Could you retype, exactly and with no pictures, only the lines from the first line of the records below through the line that contains "msp = doc.modelspace()"?

START Data for this task

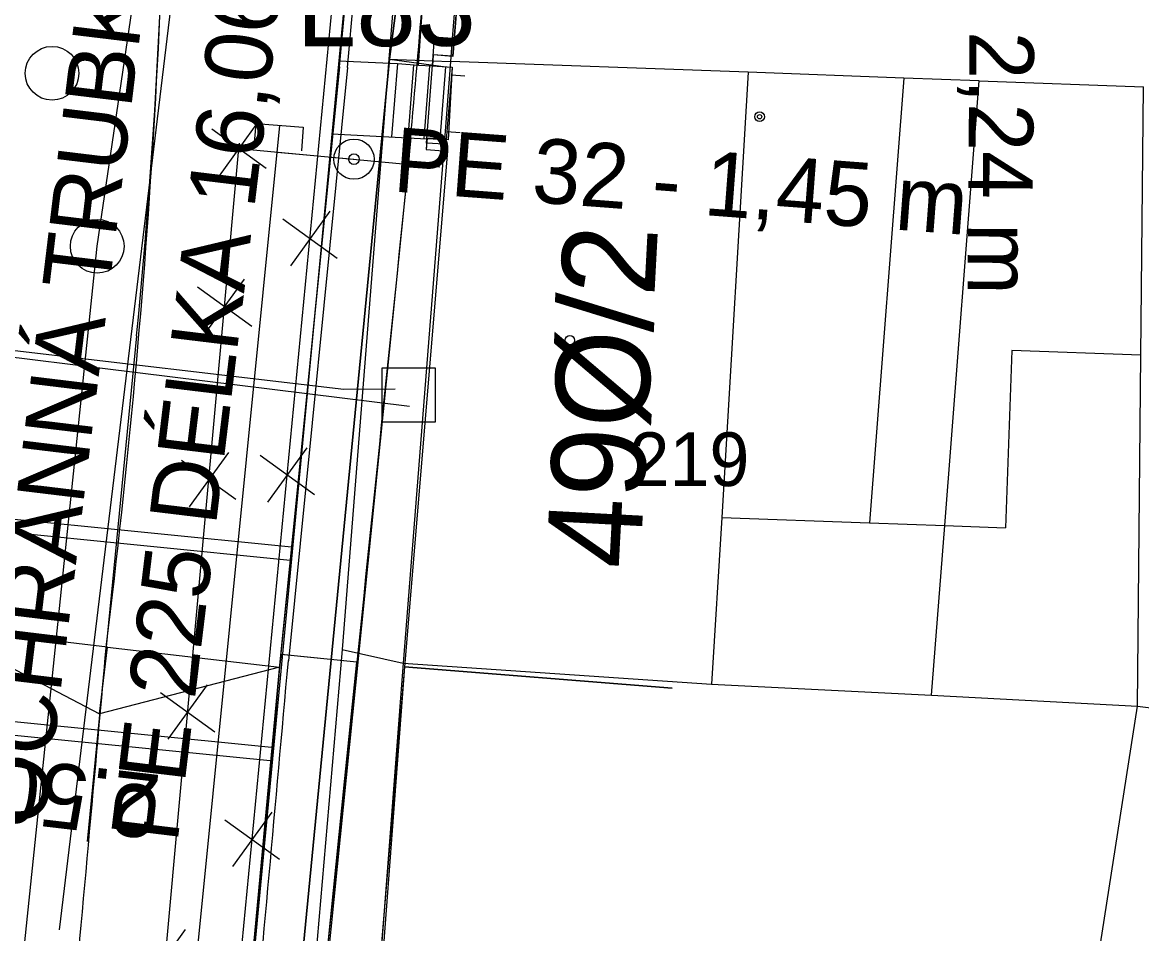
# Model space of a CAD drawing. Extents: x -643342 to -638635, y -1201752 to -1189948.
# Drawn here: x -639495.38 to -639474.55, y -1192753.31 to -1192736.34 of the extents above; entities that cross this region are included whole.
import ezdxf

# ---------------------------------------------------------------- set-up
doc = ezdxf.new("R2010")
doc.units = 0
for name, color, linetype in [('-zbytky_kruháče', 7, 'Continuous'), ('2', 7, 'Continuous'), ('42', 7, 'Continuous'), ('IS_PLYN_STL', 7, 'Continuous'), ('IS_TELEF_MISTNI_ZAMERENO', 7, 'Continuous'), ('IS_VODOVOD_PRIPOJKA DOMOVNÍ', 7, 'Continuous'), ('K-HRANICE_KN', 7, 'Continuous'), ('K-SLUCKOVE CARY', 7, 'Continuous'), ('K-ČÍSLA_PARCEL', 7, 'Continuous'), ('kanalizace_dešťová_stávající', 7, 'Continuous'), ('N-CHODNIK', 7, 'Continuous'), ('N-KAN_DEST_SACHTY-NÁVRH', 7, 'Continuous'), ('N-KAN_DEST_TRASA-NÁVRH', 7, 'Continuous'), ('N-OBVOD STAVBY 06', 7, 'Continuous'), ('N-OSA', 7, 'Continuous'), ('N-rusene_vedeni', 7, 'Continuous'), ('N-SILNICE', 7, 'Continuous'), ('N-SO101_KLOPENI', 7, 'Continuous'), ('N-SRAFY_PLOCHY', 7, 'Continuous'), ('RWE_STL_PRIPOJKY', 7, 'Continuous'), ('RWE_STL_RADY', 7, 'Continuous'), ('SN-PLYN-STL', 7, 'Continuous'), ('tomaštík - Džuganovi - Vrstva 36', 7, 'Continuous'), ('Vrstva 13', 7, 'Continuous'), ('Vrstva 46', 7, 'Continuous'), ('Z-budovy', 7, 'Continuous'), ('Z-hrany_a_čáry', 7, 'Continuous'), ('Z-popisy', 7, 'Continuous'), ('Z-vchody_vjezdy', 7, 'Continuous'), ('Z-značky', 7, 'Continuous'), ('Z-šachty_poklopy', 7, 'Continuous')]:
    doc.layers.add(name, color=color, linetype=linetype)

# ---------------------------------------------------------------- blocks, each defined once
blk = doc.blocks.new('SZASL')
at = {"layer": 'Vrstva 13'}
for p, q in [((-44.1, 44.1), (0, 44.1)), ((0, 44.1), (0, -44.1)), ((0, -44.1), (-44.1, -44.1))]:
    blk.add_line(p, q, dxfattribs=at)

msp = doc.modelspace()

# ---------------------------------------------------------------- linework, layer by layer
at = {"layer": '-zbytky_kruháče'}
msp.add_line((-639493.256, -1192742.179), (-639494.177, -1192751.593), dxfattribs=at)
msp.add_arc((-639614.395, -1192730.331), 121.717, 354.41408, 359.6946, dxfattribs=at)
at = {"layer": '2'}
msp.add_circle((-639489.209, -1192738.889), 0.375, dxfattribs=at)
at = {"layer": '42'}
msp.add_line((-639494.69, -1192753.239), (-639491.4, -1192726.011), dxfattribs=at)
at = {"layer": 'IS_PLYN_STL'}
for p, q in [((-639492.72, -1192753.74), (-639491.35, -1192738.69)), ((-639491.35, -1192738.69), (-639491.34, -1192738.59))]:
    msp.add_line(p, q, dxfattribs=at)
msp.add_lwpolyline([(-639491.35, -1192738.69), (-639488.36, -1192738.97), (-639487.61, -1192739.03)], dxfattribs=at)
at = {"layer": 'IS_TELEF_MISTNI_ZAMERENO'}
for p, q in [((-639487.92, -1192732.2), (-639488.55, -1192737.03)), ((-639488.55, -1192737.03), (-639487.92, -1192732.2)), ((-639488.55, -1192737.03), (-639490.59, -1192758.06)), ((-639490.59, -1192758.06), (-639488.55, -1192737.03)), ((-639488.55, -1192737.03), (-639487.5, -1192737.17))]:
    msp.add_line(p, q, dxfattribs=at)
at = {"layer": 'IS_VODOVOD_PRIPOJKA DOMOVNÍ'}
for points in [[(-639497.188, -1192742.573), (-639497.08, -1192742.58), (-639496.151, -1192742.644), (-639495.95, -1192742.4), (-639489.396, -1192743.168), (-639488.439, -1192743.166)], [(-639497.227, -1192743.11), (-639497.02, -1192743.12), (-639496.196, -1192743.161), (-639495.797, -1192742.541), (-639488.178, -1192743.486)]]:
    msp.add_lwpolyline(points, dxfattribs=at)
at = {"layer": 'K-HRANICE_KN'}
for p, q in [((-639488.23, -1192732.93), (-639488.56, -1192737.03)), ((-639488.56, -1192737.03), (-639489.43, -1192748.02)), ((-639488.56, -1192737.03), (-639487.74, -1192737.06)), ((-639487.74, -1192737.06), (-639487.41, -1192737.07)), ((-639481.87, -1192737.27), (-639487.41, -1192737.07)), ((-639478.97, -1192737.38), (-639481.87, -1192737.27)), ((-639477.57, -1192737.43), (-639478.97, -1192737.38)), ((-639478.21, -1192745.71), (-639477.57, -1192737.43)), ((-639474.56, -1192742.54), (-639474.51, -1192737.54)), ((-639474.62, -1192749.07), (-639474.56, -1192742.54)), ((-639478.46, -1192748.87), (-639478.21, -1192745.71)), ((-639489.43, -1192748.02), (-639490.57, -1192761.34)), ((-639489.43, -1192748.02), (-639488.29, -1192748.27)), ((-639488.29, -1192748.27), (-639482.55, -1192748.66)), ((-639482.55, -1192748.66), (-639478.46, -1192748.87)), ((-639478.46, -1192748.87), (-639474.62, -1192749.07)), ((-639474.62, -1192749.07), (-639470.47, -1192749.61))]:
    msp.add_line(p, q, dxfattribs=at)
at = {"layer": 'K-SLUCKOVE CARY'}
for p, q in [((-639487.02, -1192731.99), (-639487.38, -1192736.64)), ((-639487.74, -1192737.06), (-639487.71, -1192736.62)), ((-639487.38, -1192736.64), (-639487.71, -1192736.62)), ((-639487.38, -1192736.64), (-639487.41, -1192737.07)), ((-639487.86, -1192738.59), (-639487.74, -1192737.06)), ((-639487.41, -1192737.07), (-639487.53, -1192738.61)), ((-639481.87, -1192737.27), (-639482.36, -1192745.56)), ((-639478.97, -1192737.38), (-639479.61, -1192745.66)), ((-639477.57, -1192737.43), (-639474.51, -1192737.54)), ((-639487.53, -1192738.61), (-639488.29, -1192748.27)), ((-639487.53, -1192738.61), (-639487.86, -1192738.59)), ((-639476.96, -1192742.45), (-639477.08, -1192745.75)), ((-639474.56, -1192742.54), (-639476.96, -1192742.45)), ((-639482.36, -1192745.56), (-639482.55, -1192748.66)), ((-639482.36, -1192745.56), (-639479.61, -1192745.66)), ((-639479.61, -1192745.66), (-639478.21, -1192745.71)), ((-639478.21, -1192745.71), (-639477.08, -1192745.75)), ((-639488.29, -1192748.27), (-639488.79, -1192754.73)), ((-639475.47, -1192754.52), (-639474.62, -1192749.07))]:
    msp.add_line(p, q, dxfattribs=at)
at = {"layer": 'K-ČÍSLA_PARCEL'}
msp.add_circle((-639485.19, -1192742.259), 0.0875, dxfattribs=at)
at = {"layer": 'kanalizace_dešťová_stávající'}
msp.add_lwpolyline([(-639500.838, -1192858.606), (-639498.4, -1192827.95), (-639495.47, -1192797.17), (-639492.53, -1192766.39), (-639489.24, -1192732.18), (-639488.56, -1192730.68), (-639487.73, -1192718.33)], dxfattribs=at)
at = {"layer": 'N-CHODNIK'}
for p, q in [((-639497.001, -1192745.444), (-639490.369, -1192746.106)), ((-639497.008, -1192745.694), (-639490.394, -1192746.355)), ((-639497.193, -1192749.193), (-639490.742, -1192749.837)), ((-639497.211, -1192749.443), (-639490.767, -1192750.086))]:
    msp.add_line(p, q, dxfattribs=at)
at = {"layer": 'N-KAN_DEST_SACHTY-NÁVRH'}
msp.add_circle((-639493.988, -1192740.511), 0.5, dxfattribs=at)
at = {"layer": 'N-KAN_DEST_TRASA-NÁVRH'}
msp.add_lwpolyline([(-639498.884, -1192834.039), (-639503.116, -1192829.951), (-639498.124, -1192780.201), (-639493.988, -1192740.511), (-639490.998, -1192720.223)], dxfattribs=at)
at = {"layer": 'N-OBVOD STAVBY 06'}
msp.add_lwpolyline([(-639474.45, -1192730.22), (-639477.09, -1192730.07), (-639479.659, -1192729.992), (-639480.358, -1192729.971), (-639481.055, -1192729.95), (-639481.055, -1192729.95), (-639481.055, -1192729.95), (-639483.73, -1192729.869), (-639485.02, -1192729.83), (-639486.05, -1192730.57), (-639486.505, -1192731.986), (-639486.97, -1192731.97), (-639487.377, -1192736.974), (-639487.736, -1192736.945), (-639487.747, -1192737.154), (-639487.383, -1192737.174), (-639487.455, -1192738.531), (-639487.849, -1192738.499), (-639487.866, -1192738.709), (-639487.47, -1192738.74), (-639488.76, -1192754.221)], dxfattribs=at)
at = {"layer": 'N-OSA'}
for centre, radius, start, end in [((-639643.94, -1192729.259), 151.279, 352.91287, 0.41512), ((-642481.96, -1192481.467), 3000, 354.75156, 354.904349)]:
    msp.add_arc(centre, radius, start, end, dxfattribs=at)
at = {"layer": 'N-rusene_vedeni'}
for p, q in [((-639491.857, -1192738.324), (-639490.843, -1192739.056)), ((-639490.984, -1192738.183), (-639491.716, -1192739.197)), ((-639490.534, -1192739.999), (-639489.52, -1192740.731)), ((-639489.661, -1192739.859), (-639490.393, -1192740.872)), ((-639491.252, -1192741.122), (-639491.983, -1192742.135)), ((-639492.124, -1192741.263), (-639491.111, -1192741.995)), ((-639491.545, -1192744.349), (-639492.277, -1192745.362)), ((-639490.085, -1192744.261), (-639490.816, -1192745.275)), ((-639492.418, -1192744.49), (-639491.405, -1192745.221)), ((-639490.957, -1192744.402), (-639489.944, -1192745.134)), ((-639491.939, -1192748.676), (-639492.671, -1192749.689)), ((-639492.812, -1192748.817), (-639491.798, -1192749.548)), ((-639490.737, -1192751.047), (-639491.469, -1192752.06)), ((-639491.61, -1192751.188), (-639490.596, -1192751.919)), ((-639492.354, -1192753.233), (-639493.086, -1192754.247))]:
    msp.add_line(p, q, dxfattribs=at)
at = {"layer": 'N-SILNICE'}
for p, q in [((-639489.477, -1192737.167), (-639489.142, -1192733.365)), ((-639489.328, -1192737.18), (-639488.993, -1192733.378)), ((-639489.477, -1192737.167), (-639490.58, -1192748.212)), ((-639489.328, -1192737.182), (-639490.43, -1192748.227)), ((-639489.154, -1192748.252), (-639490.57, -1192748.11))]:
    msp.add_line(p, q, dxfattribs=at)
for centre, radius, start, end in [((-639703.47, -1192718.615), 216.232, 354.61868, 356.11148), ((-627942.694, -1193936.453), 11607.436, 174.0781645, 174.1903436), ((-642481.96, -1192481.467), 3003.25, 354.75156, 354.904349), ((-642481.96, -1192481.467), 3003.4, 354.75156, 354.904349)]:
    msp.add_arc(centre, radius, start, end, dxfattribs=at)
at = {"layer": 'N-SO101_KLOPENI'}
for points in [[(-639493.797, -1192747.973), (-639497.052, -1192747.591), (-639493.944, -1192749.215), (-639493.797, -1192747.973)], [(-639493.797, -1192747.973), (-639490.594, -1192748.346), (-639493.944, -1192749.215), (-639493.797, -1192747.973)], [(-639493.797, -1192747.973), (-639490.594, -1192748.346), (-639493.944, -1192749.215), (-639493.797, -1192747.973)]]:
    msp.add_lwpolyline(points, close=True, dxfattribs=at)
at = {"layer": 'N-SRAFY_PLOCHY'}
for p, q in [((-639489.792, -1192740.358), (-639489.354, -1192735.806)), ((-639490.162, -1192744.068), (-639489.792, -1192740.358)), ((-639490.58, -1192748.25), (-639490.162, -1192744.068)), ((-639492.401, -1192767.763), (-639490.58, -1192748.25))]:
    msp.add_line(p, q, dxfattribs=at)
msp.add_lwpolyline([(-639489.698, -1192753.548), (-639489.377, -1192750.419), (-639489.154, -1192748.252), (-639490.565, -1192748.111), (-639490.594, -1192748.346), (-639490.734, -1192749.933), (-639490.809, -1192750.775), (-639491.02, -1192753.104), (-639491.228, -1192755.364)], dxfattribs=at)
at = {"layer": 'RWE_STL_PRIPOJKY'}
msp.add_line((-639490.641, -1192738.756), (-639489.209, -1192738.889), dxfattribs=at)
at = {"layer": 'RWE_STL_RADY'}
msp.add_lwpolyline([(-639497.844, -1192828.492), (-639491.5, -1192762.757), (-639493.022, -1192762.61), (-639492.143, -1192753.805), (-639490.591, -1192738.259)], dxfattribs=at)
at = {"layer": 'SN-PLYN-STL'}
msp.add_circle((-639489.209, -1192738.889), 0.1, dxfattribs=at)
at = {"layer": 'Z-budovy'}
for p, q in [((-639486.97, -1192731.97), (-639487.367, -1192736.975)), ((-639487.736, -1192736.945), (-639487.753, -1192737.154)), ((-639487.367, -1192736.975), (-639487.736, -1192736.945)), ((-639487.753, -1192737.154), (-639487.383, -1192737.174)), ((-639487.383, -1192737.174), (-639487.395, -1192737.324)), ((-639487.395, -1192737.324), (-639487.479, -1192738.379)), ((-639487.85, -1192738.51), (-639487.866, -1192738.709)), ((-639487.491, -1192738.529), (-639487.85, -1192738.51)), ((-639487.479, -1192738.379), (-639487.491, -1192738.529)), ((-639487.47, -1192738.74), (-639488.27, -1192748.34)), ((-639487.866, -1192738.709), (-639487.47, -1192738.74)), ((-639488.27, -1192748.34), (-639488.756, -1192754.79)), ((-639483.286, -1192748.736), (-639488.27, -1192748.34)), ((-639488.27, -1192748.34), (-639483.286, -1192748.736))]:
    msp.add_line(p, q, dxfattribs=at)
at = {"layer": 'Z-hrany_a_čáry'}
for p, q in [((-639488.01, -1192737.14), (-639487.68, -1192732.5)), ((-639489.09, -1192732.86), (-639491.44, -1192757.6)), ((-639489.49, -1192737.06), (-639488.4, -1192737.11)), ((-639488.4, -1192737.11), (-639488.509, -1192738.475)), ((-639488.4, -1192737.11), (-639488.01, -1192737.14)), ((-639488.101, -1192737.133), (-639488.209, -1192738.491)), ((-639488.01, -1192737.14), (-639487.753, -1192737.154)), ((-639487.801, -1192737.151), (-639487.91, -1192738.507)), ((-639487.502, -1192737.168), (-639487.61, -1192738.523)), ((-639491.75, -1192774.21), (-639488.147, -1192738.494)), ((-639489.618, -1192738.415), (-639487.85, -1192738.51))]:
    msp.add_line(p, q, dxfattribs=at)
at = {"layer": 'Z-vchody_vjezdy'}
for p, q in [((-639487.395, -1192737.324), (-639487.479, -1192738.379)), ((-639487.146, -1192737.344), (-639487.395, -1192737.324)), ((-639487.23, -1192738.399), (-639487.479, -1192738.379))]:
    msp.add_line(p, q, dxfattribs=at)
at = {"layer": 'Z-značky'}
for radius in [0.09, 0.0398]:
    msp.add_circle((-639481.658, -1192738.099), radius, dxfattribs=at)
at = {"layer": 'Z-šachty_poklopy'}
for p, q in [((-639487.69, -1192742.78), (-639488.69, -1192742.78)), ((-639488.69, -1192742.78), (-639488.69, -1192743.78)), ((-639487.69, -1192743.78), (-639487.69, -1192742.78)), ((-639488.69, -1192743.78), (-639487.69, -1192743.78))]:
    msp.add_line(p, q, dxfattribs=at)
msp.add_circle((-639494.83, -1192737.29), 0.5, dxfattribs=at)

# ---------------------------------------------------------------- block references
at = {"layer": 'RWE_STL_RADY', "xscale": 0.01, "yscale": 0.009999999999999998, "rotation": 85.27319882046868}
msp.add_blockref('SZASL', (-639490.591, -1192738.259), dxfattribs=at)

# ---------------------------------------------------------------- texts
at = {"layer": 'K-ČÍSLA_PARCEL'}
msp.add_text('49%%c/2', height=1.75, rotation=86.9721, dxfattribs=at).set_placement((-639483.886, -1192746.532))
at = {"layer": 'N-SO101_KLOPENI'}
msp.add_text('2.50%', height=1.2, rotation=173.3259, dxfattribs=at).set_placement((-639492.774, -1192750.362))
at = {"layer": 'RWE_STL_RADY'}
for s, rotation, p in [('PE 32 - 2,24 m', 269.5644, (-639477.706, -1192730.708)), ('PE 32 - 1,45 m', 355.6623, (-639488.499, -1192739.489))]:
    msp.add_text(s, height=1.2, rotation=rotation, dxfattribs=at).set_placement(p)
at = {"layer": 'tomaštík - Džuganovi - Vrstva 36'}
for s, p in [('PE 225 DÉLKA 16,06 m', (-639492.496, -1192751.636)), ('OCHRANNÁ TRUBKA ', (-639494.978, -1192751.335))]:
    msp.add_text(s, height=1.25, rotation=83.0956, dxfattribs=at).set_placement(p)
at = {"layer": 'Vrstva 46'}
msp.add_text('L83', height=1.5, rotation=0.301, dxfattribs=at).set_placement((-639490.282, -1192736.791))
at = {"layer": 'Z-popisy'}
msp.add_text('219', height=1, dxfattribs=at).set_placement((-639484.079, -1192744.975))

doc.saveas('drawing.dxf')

END Data for this task

### Answer for this exercise
# Model space of a CAD drawing. Extents: x -643342 to -638635, y -1201752 to -1189948.
# Drawn here: x -639495.38 to -639474.55, y -1192753.31 to -1192736.34 of the extents above; entities that cross this region are included whole.
import ezdxf

# ---------------------------------------------------------------- set-up
doc = ezdxf.new("R2010")
doc.units = 0
for name, color, linetype in [('-zbytky_kruháče', 7, 'Continuous'), ('2', 7, 'Continuous'), ('42', 7, 'Continuous'), ('IS_PLYN_STL', 7, 'Continuous'), ('IS_TELEF_MISTNI_ZAMERENO', 7, 'Continuous'), ('IS_VODOVOD_PRIPOJKA DOMOVNÍ', 7, 'Continuous'), ('K-HRANICE_KN', 7, 'Continuous'), ('K-SLUCKOVE CARY', 7, 'Continuous'), ('K-ČÍSLA_PARCEL', 7, 'Continuous'), ('kanalizace_dešťová_stávající', 7, 'Continuous'), ('N-CHODNIK', 7, 'Continuous'), ('N-KAN_DEST_SACHTY-NÁVRH', 7, 'Continuous'), ('N-KAN_DEST_TRASA-NÁVRH', 7, 'Continuous'), ('N-OBVOD STAVBY 06', 7, 'Continuous'), ('N-OSA', 7, 'Continuous'), ('N-rusene_vedeni', 7, 'Continuous'), ('N-SILNICE', 7, 'Continuous'), ('N-SO101_KLOPENI', 7, 'Continuous'), ('N-SRAFY_PLOCHY', 7, 'Continuous'), ('RWE_STL_PRIPOJKY', 7, 'Continuous'), ('RWE_STL_RADY', 7, 'Continuous'), ('SN-PLYN-STL', 7, 'Continuous'), ('tomaštík - Džuganovi - Vrstva 36', 7, 'Continuous'), ('Vrstva 13', 7, 'Continuous'), ('Vrstva 46', 7, 'Continuous'), ('Z-budovy', 7, 'Continuous'), ('Z-hrany_a_čáry', 7, 'Continuous'), ('Z-popisy', 7, 'Continuous'), ('Z-vchody_vjezdy', 7, 'Continuous'), ('Z-značky', 7, 'Continuous'), ('Z-šachty_poklopy', 7, 'Continuous')]:
    doc.layers.add(name, color=color, linetype=linetype)

# ---------------------------------------------------------------- blocks, each defined once
blk = doc.blocks.new('SZASL')
at = {"layer": 'Vrstva 13'}
for p, q in [((-44.1, 44.1), (0, 44.1)), ((0, 44.1), (0, -44.1)), ((0, -44.1), (-44.1, -44.1))]:
    blk.add_line(p, q, dxfattribs=at)

msp = doc.modelspace()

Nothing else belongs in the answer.